Guillaume, alter ego de l’auteur Jean-François Létourneau, part pour Kuujjuaq afin d’enseigner aux adolescents de là-bas. 

Dès l’avion, c’est le choc : il ne comprend rien à la langue qu’il entend et les voyageurs l’ignorent complètement. Premier constat d’une succession d’autres : le Nord, quand on vient du Sud, on en connaît rien, même quand on y débarque avec toute la bonne volonté du monde. 

Létourneau nous le rendra pourtant accessible. Il a construit son roman en faisant alterner les moments que Guillaume a passés au Nord et ceux qu’il vit aujourd’hui, en Estrie, avec sa blonde et leurs enfants. Dès lors, les descriptions du territoire se répondent, tout comme le souci de la continuité du monde. 

Ce monde-là est ancré dans la nature, dans la simplicité des rapports humains, dans les contes, et dans un autrefois qui perdure dans les souvenirs ou le vocabulaire.

Ainsi de Guillaume. Il a été élevé sur un rang, il a planté des arbres dans le nord de l’Ontario, il a campé dans les bois et il a voulu aller au bout de l’immensité du Québec. 

Son père, veuf précoce qui l’a élevé seul, a ajouté la transmission de l’intangible: les chansons anciennes, l’art de bûcher son bois. La même passation des savoirs et de l’amour de la terre est à l’œuvre dans le Nord. D’ailleurs ce roman est aussi un magnifique hommage aux pères.

Tout cela séduit alors que le récit n’a rien de révolutionnaire, ni dans la forme, simple et dépouillée, ni dans le propos. 

Ainsi, Létourneau s’appuie sur des références connues. Son Guillaume cite les « fils déchus de race surhumaine » d’Alfred Desrochers, il arrose ses bleuets de sirop d’érable, il sifflote À la claire fontaine, il souligne à quel point le hockey unit tous les habitants de ce pays... Il ressort de vieux mots : poêlonne, berçante, ramasseux... 

Un refuge

Et ça marche ! Pourquoi ? Parce qu’on a beau être accros à la modernité, on sait encore de quoi il parle. Dès lors le temps ralentit, se laisse savourer, devient un refuge même quand le paysage qu’on s’est choisi est grugé par l’étalement urbain, comme le coin de Guillaume dont se rapproche la nouvelle autoroute.

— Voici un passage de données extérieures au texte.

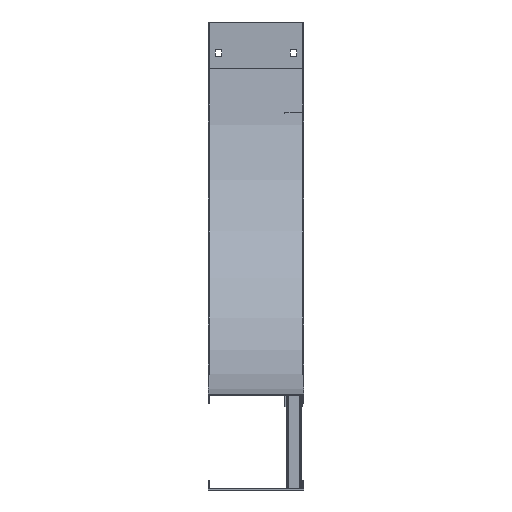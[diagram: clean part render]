
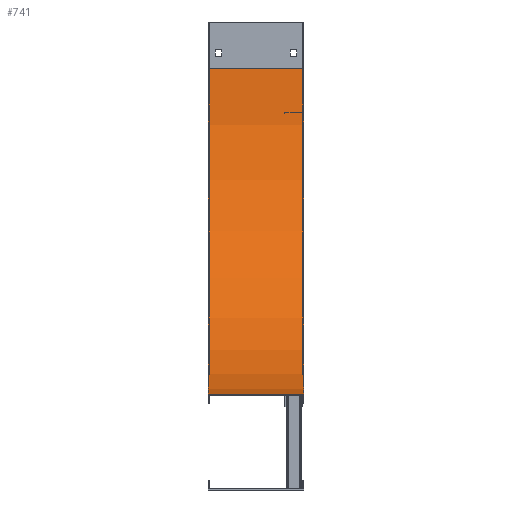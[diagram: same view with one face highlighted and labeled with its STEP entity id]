
A CAD part, left-side view. The second image highlights one B-rep face of the part: STEP entity #741.
In plain terms, the highlighted cylindrical face has radius 533.4 mm (diameter 1066.8 mm), a partial arc.
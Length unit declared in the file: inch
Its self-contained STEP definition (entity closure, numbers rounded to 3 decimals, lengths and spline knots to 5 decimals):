
#156=CARTESIAN_POINT('',(0.,-21.,3.));
#157=DIRECTION('',(1.,0.,0.));
#158=DIRECTION('',(0.,1.,0.));
#159=AXIS2_PLACEMENT_3D('',#156,#157,#158);
#165=DIRECTION('',(1.,0.,0.));
#166=VECTOR('',#165,6.19);
#167=CARTESIAN_POINT('',(-6.19,0.,3.));
#168=LINE('',#167,#166);
#169=CARTESIAN_POINT('',(-6.19,-21.,3.));
#170=DIRECTION('',(1.,0.,0.));
#171=DIRECTION('',(0.,1.,0.));
#172=AXIS2_PLACEMENT_3D('',#169,#170,#171);
#174=DIRECTION('',(1.,0.,0.));
#175=VECTOR('',#174,6.19);
#176=CARTESIAN_POINT('',(-6.19,-21.,24.));
#177=LINE('',#176,#175);
#409=CARTESIAN_POINT('',(-6.19,0.,3.));
#410=CARTESIAN_POINT('',(0.,0.,3.));
#411=VERTEX_POINT('',#409);
#412=VERTEX_POINT('',#410);
#425=CARTESIAN_POINT('',(-6.19,-21.,24.));
#426=CARTESIAN_POINT('',(0.,-21.,24.));
#427=VERTEX_POINT('',#425);
#428=VERTEX_POINT('',#426);
#729=CARTESIAN_POINT('',(-1.,-21.,3.));
#730=DIRECTION('',(1.,0.,0.));
#731=DIRECTION('',(0.,-1.,0.));
#732=AXIS2_PLACEMENT_3D('',#729,#730,#731);
#733=CYLINDRICAL_SURFACE('',#732,21.);
#734=ORIENTED_EDGE('',*,*,#553,.F.);
#735=ORIENTED_EDGE('',*,*,#596,.T.);
#737=ORIENTED_EDGE('',*,*,#736,.T.);
#738=ORIENTED_EDGE('',*,*,#715,.F.);
#739=EDGE_LOOP('',(#734,#735,#737,#738));
#740=FACE_OUTER_BOUND('',#739,.F.);
#741=ADVANCED_FACE('',(#740),#733,.F.);
#160=CIRCLE('',#159,21.);
#173=CIRCLE('',#172,21.);
#553=EDGE_CURVE('',#411,#412,#168,.T.);
#596=EDGE_CURVE('',#411,#427,#173,.T.);
#715=EDGE_CURVE('',#412,#428,#160,.T.);
#736=EDGE_CURVE('',#427,#428,#177,.T.);

Quand il raconte le Nord, l’auteur use du même procédé : ce qui s’y vit aujourd’hui s’appuie encore sur des traditions, même si plusieurs ont été effacées par des manœuvres d’intégration forcée. Les peuples n’oublient pas si facilement.

Il faut dire que Jean-François Létourneau est un spécialiste de la littérature autochtone et participe à différents projets consacrés à celle-ci ou encore au territoire : il en parle donc en connaissance de cause.

Or cette expertise est mâtinée d’une tendresse qui déborde des pages de son premier roman. Voilà ce qui fait du bien à l’âme.